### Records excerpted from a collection
○ ○ ○

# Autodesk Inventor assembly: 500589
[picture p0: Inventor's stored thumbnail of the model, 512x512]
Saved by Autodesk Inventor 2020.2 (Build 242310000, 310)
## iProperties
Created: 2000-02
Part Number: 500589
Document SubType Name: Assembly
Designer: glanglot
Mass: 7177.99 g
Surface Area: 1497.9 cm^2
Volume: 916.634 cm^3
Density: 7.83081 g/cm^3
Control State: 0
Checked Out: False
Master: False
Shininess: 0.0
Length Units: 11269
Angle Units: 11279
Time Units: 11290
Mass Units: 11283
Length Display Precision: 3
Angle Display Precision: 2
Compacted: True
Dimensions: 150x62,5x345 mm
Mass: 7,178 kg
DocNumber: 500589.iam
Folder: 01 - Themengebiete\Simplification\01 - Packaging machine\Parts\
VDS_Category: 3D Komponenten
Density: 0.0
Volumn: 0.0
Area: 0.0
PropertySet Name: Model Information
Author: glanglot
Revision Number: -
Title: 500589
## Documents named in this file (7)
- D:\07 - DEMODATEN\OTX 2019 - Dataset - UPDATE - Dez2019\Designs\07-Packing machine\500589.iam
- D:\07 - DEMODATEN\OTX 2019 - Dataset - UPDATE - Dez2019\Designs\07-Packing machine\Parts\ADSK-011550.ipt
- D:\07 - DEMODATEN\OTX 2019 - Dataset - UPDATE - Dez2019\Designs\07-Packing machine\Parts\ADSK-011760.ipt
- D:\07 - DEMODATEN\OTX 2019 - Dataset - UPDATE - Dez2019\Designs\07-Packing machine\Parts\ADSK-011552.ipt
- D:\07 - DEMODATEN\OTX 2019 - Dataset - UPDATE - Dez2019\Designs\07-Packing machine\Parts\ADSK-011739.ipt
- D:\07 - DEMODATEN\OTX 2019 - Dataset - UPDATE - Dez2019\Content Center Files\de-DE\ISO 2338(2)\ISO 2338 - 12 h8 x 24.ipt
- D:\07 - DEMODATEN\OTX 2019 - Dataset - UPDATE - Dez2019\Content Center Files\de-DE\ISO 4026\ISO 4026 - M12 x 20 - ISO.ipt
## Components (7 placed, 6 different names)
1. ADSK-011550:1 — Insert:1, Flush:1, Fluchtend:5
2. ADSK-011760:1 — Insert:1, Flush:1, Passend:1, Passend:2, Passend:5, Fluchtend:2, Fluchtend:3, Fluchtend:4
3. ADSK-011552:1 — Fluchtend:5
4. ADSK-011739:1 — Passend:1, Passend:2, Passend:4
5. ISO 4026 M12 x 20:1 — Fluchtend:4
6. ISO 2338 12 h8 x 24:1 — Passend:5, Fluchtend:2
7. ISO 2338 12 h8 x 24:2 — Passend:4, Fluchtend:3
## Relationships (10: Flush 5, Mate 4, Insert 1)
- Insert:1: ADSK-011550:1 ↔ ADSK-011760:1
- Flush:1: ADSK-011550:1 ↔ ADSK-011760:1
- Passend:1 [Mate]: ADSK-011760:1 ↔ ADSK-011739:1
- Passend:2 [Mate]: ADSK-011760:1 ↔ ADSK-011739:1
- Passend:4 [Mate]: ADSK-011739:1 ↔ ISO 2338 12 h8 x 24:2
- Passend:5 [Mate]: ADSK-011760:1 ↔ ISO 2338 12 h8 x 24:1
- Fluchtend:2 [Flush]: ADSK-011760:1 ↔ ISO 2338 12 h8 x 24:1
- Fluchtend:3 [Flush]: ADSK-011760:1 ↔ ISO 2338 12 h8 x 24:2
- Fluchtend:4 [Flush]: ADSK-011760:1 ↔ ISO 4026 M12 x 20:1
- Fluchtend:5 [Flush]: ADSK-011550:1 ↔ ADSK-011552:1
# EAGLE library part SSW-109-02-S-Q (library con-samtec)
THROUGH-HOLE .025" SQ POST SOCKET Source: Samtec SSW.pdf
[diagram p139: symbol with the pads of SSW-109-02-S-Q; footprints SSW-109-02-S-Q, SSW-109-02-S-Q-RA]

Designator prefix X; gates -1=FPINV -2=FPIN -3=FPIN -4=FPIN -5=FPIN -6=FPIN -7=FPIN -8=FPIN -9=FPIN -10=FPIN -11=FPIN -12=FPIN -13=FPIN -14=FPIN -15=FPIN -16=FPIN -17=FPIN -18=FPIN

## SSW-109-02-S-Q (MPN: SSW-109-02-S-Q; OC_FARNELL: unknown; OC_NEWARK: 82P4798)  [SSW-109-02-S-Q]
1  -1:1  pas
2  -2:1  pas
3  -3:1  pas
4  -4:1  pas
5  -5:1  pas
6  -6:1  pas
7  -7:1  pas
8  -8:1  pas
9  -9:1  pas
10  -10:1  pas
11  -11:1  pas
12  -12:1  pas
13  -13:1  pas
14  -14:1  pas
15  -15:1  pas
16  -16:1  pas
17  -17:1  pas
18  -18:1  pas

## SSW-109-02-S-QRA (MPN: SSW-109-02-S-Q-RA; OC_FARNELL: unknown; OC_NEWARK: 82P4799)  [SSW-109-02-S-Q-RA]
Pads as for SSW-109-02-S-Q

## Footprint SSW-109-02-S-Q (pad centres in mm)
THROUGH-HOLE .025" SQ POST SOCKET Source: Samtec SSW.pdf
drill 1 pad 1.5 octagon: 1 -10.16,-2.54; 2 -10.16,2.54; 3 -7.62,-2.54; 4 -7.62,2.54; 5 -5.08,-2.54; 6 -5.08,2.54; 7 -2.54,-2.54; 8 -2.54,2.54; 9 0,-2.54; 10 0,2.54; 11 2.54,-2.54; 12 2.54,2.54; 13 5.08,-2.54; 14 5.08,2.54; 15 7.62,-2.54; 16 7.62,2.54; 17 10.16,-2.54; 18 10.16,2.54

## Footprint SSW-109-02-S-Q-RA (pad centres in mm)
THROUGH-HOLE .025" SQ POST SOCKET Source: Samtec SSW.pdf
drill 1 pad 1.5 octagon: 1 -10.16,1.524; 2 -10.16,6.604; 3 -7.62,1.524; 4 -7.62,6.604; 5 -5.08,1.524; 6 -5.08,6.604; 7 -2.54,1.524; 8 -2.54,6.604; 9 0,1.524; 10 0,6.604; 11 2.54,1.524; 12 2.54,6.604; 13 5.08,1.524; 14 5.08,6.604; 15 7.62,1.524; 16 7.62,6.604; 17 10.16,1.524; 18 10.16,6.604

○ ○ ○

Using the data above, transcribe the lines that run from the line with "Shininess: 0.0" to the line with "## Documents named in this file (7)", both ends kept, and output nothing else.

Shininess: 0.0
Length Units: 11269
Angle Units: 11279
Time Units: 11290
Mass Units: 11283
Length Display Precision: 3
Angle Display Precision: 2
Compacted: True
Dimensions: 150x62,5x345 mm
Mass: 7,178 kg
DocNumber: 500589.iam
Folder: 01 - Themengebiete\Simplification\01 - Packaging machine\Parts\
VDS_Category: 3D Komponenten
Density: 0.0
Volumn: 0.0
Area: 0.0
PropertySet Name: Model Information
Author: glanglot
Revision Number: -
Title: 500589
## Documents named in this file (7)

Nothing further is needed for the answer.